Colorado City, Ariz. • Dawn Bistline-Cooke and her husband couldn’t pay their power bill. They struggled to afford diapers. Their truck had been repossessed. And at priesthood meetings, leaders of the FLDS Church reminded her husband to contribute up to $1,000 a month toward the storehouse and legal costs of the polygamous sect.

During the week, her husband worked construction jobs out of town while Bistline-Cooke cared for their four children. In search of fun one weekend, she went to a “What Women Want” expo in St. George and found a business opportunity instead: selling appetite-suppressant lollipops called Power Pops.

Bistline-Cooke had a natural network to tap as she joined the multilevel marketing company: She signed up a quarter of her 43 siblings to sell the cherry and piña colada treats and get others to join.

“My sister and I had coffee parties” to promote the lollipops, she said. “That was our social life: Have a coffee party and breastfeed.”

And the $250 to $500 she earned each week helped the family afford “things we were desperate for.”

From the 1970s on, beginning with companies such as Amway, Avon, Tupperware and Mary Kay, one network-marketing craze after another swept through the dusty streets and 15-bedroom houses in Hildale, Utah, and Colorado City, Ariz., the traditional home of the Fundamentalist Church of Jesus Christ of Latter-Day Saints.

But a few months after Bistline-Cooke began to make money in 2004, FLDS prophet Warren Jeffs brought the community’s networks to a halt, denouncing multilevel marketing from the pulpit for taking money from the church. “Everyone dropped it,” she said.

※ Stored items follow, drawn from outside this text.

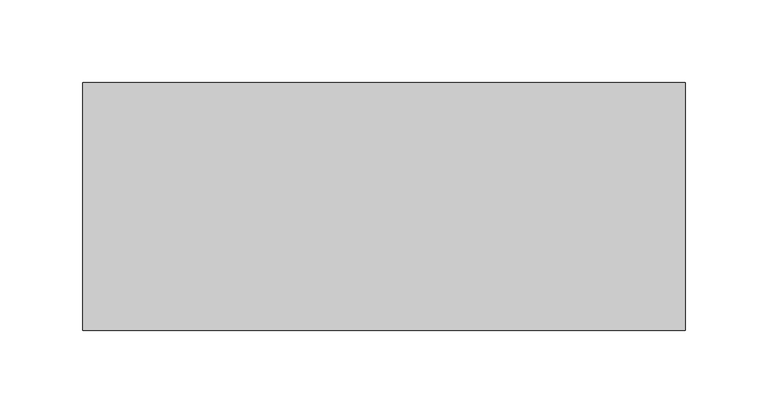
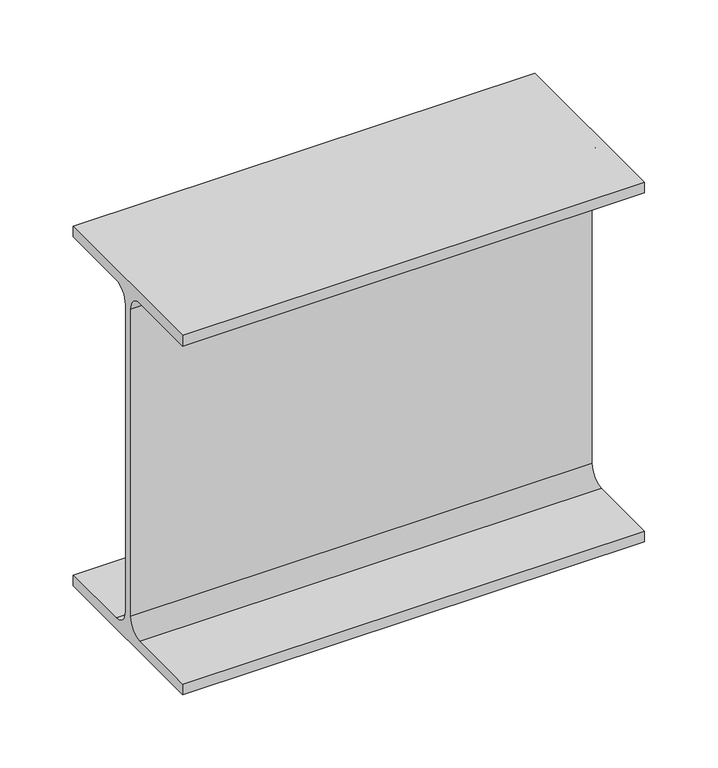
"""IFC4 building model written with IfcOpenShell, lengths in millimetres: beam geometry, 0912_Steel Framing_H-KSD3502 : H_SB_ASB_H-300x150x6.5x9."""

from ifc_helpers import new_model, si_unit, point, frame, frame_2d, origin, place, context, project, spatial, polyline, circle_curve, trimmed, segment, composite_curve, outline, extrude, source, transform, mapped, element, save


def beam_e9ed0d81(model_context):
    return source(origin(), model_context, "Body", "SweptSolid", [
        extrude(outline(composite_curve([segment(polyline([(75.0, -141.0), (75.0, -150.0), (-75.0, -150.0), (-75.0, -141.0), (-16.25, -141.0)]), True, "CONTINUOUS"), segment(trimmed(circle_curve(frame_2d((-16.25, -128.0)), 13.0), [point((-16.25, -141.0))], [point((-3.25, -128.0))], True, "CARTESIAN"), True, "CONTINUOUS"), segment(polyline([(-3.25, -128.0), (-3.25, 128.0)]), True, "CONTINUOUS"), segment(trimmed(circle_curve(frame_2d((-16.25, 128.0)), 13.0), [point((-3.25, 128.0))], [point((-16.25, 141.0))], True, "CARTESIAN"), True, "CONTINUOUS"), segment(polyline([(-16.25, 141.0), (-75.0, 141.0), (-75.0, 150.0), (75.0, 150.0), (75.0, 141.0), (16.25, 141.0)]), True, "CONTINUOUS"), segment(trimmed(circle_curve(frame_2d((16.25, 128.0)), 13.0), [point((16.25, 141.0))], [point((3.25, 128.0))], True, "CARTESIAN"), True, "CONTINUOUS"), segment(polyline([(3.25, 128.0), (3.25, -128.0)]), True, "CONTINUOUS"), segment(trimmed(circle_curve(frame_2d((16.25, -128.0)), 13.0), [point((3.25, -128.0))], [point((16.25, -141.0))], True, "CARTESIAN"), True, "CONTINUOUS"), segment(polyline([(16.25, -141.0), (75.0, -141.0)]), True, "CONTINUOUS")], self_intersect=False)), frame((-282.3, 0.0, 0.0), z_axis=(1.0, 0.0, 0.0), x_axis=(0.0, 1.0, 0.0)), (0.0, 0.0, 1.0), 364.6),
    ])


if __name__ == "__main__":
    model = new_model("IFC4")
    model_context = context("Model", 3, world=origin())
    ifc_project = project(units=[si_unit("LENGTHUNIT", "METRE", prefix="MILLI")], contexts=[model_context])
    site = spatial("IfcSite", under=ifc_project)
    building = spatial("IfcBuilding", under=site)
    placement = place(None, origin())
    beam_shape = beam_e9ed0d81(model_context)
    element("IfcBeam", 1, ObjectType="0912_Steel Framing_H-KSD3502 : H_SB_ASB_H-300x150x6.5x9", at=placement, inside=building, context=model_context, shape_type="MappedRepresentation", body=[
        mapped(beam_shape, transform((0.0, 0.0, 0.0), x_axis=(1.0, 0.0, 0.0), y_axis=(0.0, 1.0, 0.0), z_axis=(0.0, 0.0, 1.0))),
    ])
    save(model, "model.ifc")

# Revit data of these elements
# Type "0912_Steel Framing_H-KSD3502 : H_SB_ASB_H-300x150x6.5x9"
#   H_WM Code_1 = "S01AA002-00001 | Main Steel Structure Fabrication Work | Shelter/Building | Medium Steel - Standard (90KG/M>Weight≥30KG/M) | Material: (   )"
#   H_WM Code_2 = "S03AA028-00001 | Main Steel Structure Erection Work | Shelter/Building | Medium Steel (90KG/M>Weight≥30KG/M) | Material: (   )"
#   H_WM Code_3 = "S01AA010-00001 | Main Steel Structure Fabrication Work | Shelter/Building | Steel Painting/Coating | for Non-Fireproofed Steel Surface, Surface Preparation, Primer, Second & Final Coat | Material: (   )"
#   H_Q'ty Cal Type Tag = "SB-Q2"
#   Width = 15.0 cm
#   Web Thickness = 0.65 cm
#   Web Fillet = 1.3 cm
#   Warping Constant = 107000.0 cm⁶
#   W = 0
#   Torsional Moment of Inertia = 9.9539 cm⁴
#   Section Area = 46.78 cm²
#   Plastic Modulus weak axis = 105.0 cm³
#   Plastic Modulus strong axis = 542.0 cm³
#   Perimeter = 1.17 m²/m
#   Nominal Weight = 36.70 kgf/m
#   Moment of Inertia weak axis = 508.00 cm⁴
#   Moment of Inertia strong axis = 7210.00 cm⁴
#   Height = 30.0 cm
#   Flange Thickness = 0.9 cm
#   Elastic Modulus weak axis = 67.7 cm³
#   Elastic Modulus strong axis = 481.0 cm³
#   Centroid Vertical = 15.0 cm
#   Centroid Horizontal = 7.5 cm
#   Ix = 72100000
#   Length [instance default] = 1.5240 m
#   Zx = 542000
#   b = 0.1500 m
#   h = 0.3000 m
#   r = 0.0130 m
#   s = 0.0065 m
#   t = 0.0090 m
#   A = 0.004678 m²
#   Structural Material [instance default] = Steel, 45-345
#   Assembly Code = ""
# Element 1 (IfcBeam, "0912_Steel Framing_H-KSD3502 : H_SB_ASB_H-300x150x6.5x9")
#   Structural Material = none
# Materials
#   "Steel, 45-345": class "Metal", colour RGB 189 187 185, transparency 0, Description = "Steel 345 MPa", Cost = 0
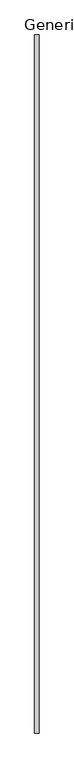
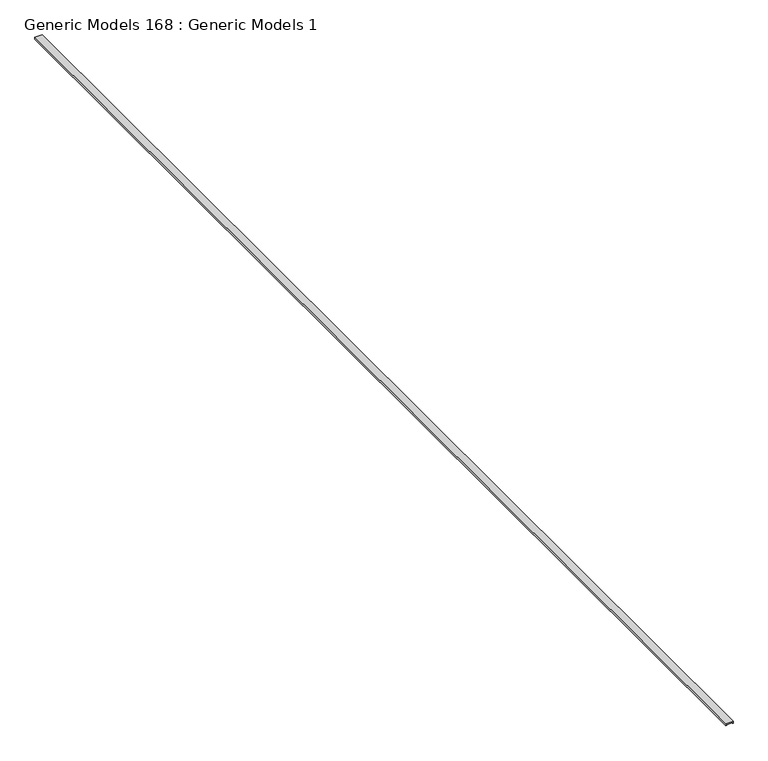
"""IFC4 building model written with IfcOpenShell, lengths in millimetres: proxy geometry, Generic Models 168 : Generic Models 1."""

import ifcopenshell
import ifcopenshell.guid

model = None  # the IFC model being written
_history = None  # IfcOwnerHistory: only IFC2X3 demands one
_inside = {}  # id of a spatial element -> (the spatial element, [elements in it])
_under = {}  # id of a project, library or spatial element -> (it, [spatial elements below it])
_declared = {}  # id of a project -> (the project, [libraries it declares])
_typed = {}  # id of a type object -> (the type object, [elements of that type])
_made_of = {}  # id of a material, layer set ... -> (it, [elements and type objects made of it])


def new_model(schema):
    """Start an empty IFC model of exactly this schema.

    Asked for "IFC4X3", IfcOpenShell would pick the latest addendum, in which some entities
    have other attributes; the version numbers below select the first issue.
    IFC2X3 requires an IfcOwnerHistory on every rooted entity: one is made here for all.
    """
    global model, _history
    if schema == "IFC4X3":
        model = ifcopenshell.file(schema_version=(4, 3, 0, 0))
    else:
        model = ifcopenshell.file(schema=schema)
    _inside.clear()
    _under.clear()
    _declared.clear()
    _typed.clear()
    _made_of.clear()
    _history = None
    if model.schema == "IFC2X3":
        org = make("IfcOrganization", Name="unknown")
        user = make(
            "IfcPersonAndOrganization",
            ThePerson=make("IfcPerson", FamilyName="unknown"),
            TheOrganization=org,
        )
        app = make(
            "IfcApplication",
            ApplicationDeveloper=org,
            Version="unknown",
            ApplicationFullName="unknown",
            ApplicationIdentifier="unknown",
        )
        _history = make(
            "IfcOwnerHistory",
            OwningUser=user,
            OwningApplication=app,
            ChangeAction="ADDED",
            CreationDate=0,
        )
    return model


def make(cls, **values):
    """One entity of the class cls with the attributes given. An attribute that is None is left unset."""
    return model.create_entity(
        cls, **{name: value for name, value in values.items() if value is not None}
    )


def rooted(cls, **values):
    """An entity with a GlobalId (a new one), such as an element, a storey or a relation."""
    return make(cls, GlobalId=ifcopenshell.guid.new(), OwnerHistory=_history, **values)


def si_unit(unit_type, name, prefix=None):
    """IfcSIUnit, for example si_unit("LENGTHUNIT", "METRE", prefix="MILLI")."""
    return make("IfcSIUnit", UnitType=unit_type, Prefix=prefix, Name=name)


def assignment(units):
    """IfcUnitAssignment: the units of a project."""
    return None if units is None else make("IfcUnitAssignment", Units=units)


def point(xyz):
    """IfcCartesianPoint."""
    return None if xyz is None else make("IfcCartesianPoint", Coordinates=xyz)


def direction(xyz):
    """IfcDirection."""
    return None if xyz is None else make("IfcDirection", DirectionRatios=xyz)


def frame(location, z_axis=None, x_axis=None):
    """IfcAxis2Placement3D, a coordinate frame: its origin and axes. An axis left out is left unset."""
    return make(
        "IfcAxis2Placement3D",
        Location=point(location),
        Axis=direction(z_axis),
        RefDirection=direction(x_axis),
    )


def origin():
    """The frame at (0, 0, 0) with its axes left unset."""
    return frame((0.0, 0.0, 0.0))


def place(relative_to, where):
    """IfcLocalPlacement: puts the frame where relative to a parent placement (None: the world)."""
    return make(
        "IfcLocalPlacement", PlacementRelTo=relative_to, RelativePlacement=where
    )


def context(
    kind, dimensions, precision=None, world=None, true_north=None, identifier=None
):
    """IfcGeometricRepresentationContext, for example the 3D "Model" context."""
    return make(
        "IfcGeometricRepresentationContext",
        ContextIdentifier=identifier,
        ContextType=kind,
        CoordinateSpaceDimension=dimensions,
        Precision=precision,
        WorldCoordinateSystem=world,
        TrueNorth=true_north,
    )


def project(units=None, contexts=None):
    """IfcProject with its units and contexts."""
    return rooted(
        "IfcProject",
        Name="project",
        RepresentationContexts=contexts,
        UnitsInContext=assignment(units),
    )


def spatial(cls, under=None, at=None, **own):
    """A site, building, storey or space (cls), placed at a placement, below another one or the project."""
    s = rooted(cls, ObjectPlacement=at, **own)
    if under is not None:
        _under.setdefault(under.id(), (under, []))[1].append(s)
    return s


def polyline(points):
    """IfcPolyline through the points."""
    return make("IfcPolyline", Points=[point(p) for p in points])


def outline(outer, holes=None, kind="AREA"):
    """IfcArbitraryClosedProfileDef: a profile drawn as a closed curve; with holes, ...WithVoids."""
    if holes is None:
        return make("IfcArbitraryClosedProfileDef", ProfileType=kind, OuterCurve=outer)
    return make(
        "IfcArbitraryProfileDefWithVoids",
        ProfileType=kind,
        OuterCurve=outer,
        InnerCurves=holes,
    )


def extrude(swept, where, along, depth):
    """IfcExtrudedAreaSolid: the profile swept, set in the frame where, extruded along a direction by depth."""
    return make(
        "IfcExtrudedAreaSolid",
        SweptArea=swept,
        Position=where,
        ExtrudedDirection=direction(along),
        Depth=depth,
    )


def shape(context_of_items, identifier, shape_type, items):
    """IfcShapeRepresentation: the items that make up one representation, for example the "Body"."""
    return make(
        "IfcShapeRepresentation",
        ContextOfItems=context_of_items,
        RepresentationIdentifier=identifier,
        RepresentationType=shape_type,
        Items=items,
    )


def source(mapping_origin, context_of_items, identifier, shape_type, items):
    """IfcRepresentationMap: a shape defined once, which mapped items show again and again."""
    return make(
        "IfcRepresentationMap",
        MappingOrigin=mapping_origin,
        MappedRepresentation=shape(context_of_items, identifier, shape_type, items),
    )


def transform(
    local_origin,
    x_axis=None,
    y_axis=None,
    z_axis=None,
    scale=None,
    scale2=None,
    scale3=None,
    uniform=True,
):
    """IfcCartesianTransformationOperator3D, or its non-uniform kind. x_axis, y_axis, z_axis: its Axis1, 2, 3."""
    if uniform:
        return make(
            "IfcCartesianTransformationOperator3D",
            Axis1=direction(x_axis),
            Axis2=direction(y_axis),
            LocalOrigin=point(local_origin),
            Scale=scale,
            Axis3=direction(z_axis),
        )
    return make(
        "IfcCartesianTransformationOperator3DnonUniform",
        Axis1=direction(x_axis),
        Axis2=direction(y_axis),
        LocalOrigin=point(local_origin),
        Scale=scale,
        Axis3=direction(z_axis),
        Scale2=scale2,
        Scale3=scale3,
    )


def mapped(mapping_source, mapping_target):
    """IfcMappedItem: shows the shape of a source again, moved by a transform."""
    return make(
        "IfcMappedItem", MappingSource=mapping_source, MappingTarget=mapping_target
    )


def made_of(thing, what):
    """Note that an element or type object is made of a material, layer set ...; save() writes the relation."""
    if what is not None:
        _made_of.setdefault(what.id(), (what, []))[1].append(thing)
    return thing


def element(
    cls,
    number,
    at=None,
    inside=None,
    cuts=None,
    type_object=None,
    material=None,
    context=None,
    identifier="Body",
    shape_type=None,
    held_by="IfcProductDefinitionShape",
    body=None,
    shapes=None,
    **own,
):
    """One element of the class cls, such as IfcWall. Its Tag is "e" and its number.

    at: its placement. inside: the storey or other place that contains it. cuts: it is an
    opening in that element (IfcRelVoidsElement). A single representation is given by context,
    identifier, shape_type and body (its items); several are given by shapes. held_by: the class
    of the entity that holds the representations. save() writes the other relations.
    """
    e = rooted(cls, Tag="e%d" % number, ObjectPlacement=at, **own)
    if body is not None:
        shapes = [shape(context, identifier, shape_type, body)]
    if shapes is not None:
        e.Representation = make(held_by, Representations=shapes)
    if inside is not None:
        _inside.setdefault(inside.id(), (inside, []))[1].append(e)
    if cuts is not None:
        rooted(
            "IfcRelVoidsElement", RelatingBuildingElement=cuts, RelatedOpeningElement=e
        )
    if type_object is not None:
        _typed.setdefault(type_object.id(), (type_object, []))[1].append(e)
    return made_of(e, material)


def aggregate(whole, parts):
    """IfcRelAggregates: a whole, such as a stair, and the parts it consists of."""
    return rooted("IfcRelAggregates", RelatingObject=whole, RelatedObjects=parts)


def save(model, path):
    """Write the relations noted so far, then the file.

    IfcRelAggregates (storeys below a building ...), IfcRelContainedInSpatialStructure (elements
    in a storey), IfcRelDefinesByType, IfcRelAssociatesMaterial and IfcRelDeclares: one each for
    every whole, place, type object, material and project.
    """
    for whole, parts in _under.values():
        aggregate(whole, parts)
    for where, things in _inside.values():
        rooted(
            "IfcRelContainedInSpatialStructure",
            RelatedElements=things,
            RelatingStructure=where,
        )
    for kind, things in _typed.values():
        rooted("IfcRelDefinesByType", RelatedObjects=things, RelatingType=kind)
    for what, things in _made_of.values():
        rooted("IfcRelAssociatesMaterial", RelatedObjects=things, RelatingMaterial=what)
    for by, libraries in _declared.values():
        rooted("IfcRelDeclares", RelatingContext=by, RelatedDefinitions=libraries)
    model.write(path)


def generic_models_168_generic_models_1_2062cc13(model_context):
    return source(origin(), model_context, "Body", "SweptSolid", [
        extrude(outline(polyline([(127853.384216, -8221.8361296), (127853.384216, -8288.5111296), (127834.334216, -8288.5111296), (127834.334216, -8280.5736296), (127840.684216, -8280.5736296), (127840.684216, -8229.7736296), (127834.334216, -8229.7736296), (127834.334216, -8221.8361296), (127853.384216, -8221.8361296)])), frame((0.0, -1999.2456111, 0.0), z_axis=(0.0, 1.0, 0.0), x_axis=(0.0, 0.0, 1.0)), (0.0, 0.0, 1.0), 10820.4),
    ])


if __name__ == "__main__":
    model = new_model("IFC4")
    model_context = context("Model", 3, world=origin())
    ifc_project = project(units=[si_unit("LENGTHUNIT", "METRE", prefix="MILLI")], contexts=[model_context])
    site = spatial("IfcSite", under=ifc_project)
    building = spatial("IfcBuilding", under=site)
    placement = place(None, origin())
    generic_models_168_generic_models_1_shape = generic_models_168_generic_models_1_2062cc13(model_context)
    element("IfcBuildingElementProxy", 1, Name="Generic Models 168 : Generic Models 1", ObjectType="Generic Models 168 : Generic Models 1", at=placement, inside=building, context=model_context, shape_type="MappedRepresentation", body=[
        mapped(generic_models_168_generic_models_1_shape, transform((0.0, 0.0, 0.0), x_axis=(1.0, 0.0, 0.0), y_axis=(0.0, 1.0, 0.0), z_axis=(0.0, 0.0, 1.0))),
    ])
    save(model, "model.ifc")

# Revit data of these elements
# Element 1 (IfcBuildingElementProxy, "Generic Models 168 : Generic Models 1")
#   Materials on its faces: "_2 5/8\" X 3/4\" WOOD TOP RAIL / HAND RAIL, EASE EDGES W/ .01 RADIUS"
# Materials
#   "_2 5/8\" X 3/4\" WOOD TOP RAIL / HAND RAIL, EASE EDGES W/ .01 RADIUS": class "Generic", colour RGB 177 130 114, transparency 0, Cost = 0

Today, the Essential Coffee Co. drive-thru in Colorado City offers to add Young Living oils to a take-away coffee for 45 cents — making peppermint, orange and nutmeg drops from the Lehi MLM company one sign of the industry’s resurgence among current and former FLDS members.

For people leaving the church, “It’s the easiest and cheapest way into business,” Bistline-Cooke said. “Especially for moms leaving with kids. They don’t have any means to support themselves and have to stay at home with their young kids.”

For FLDS women, MLM events are a way to stay connected, as many families are departing the towns on orders from Jeffs, who’s been incarcerated since 2011.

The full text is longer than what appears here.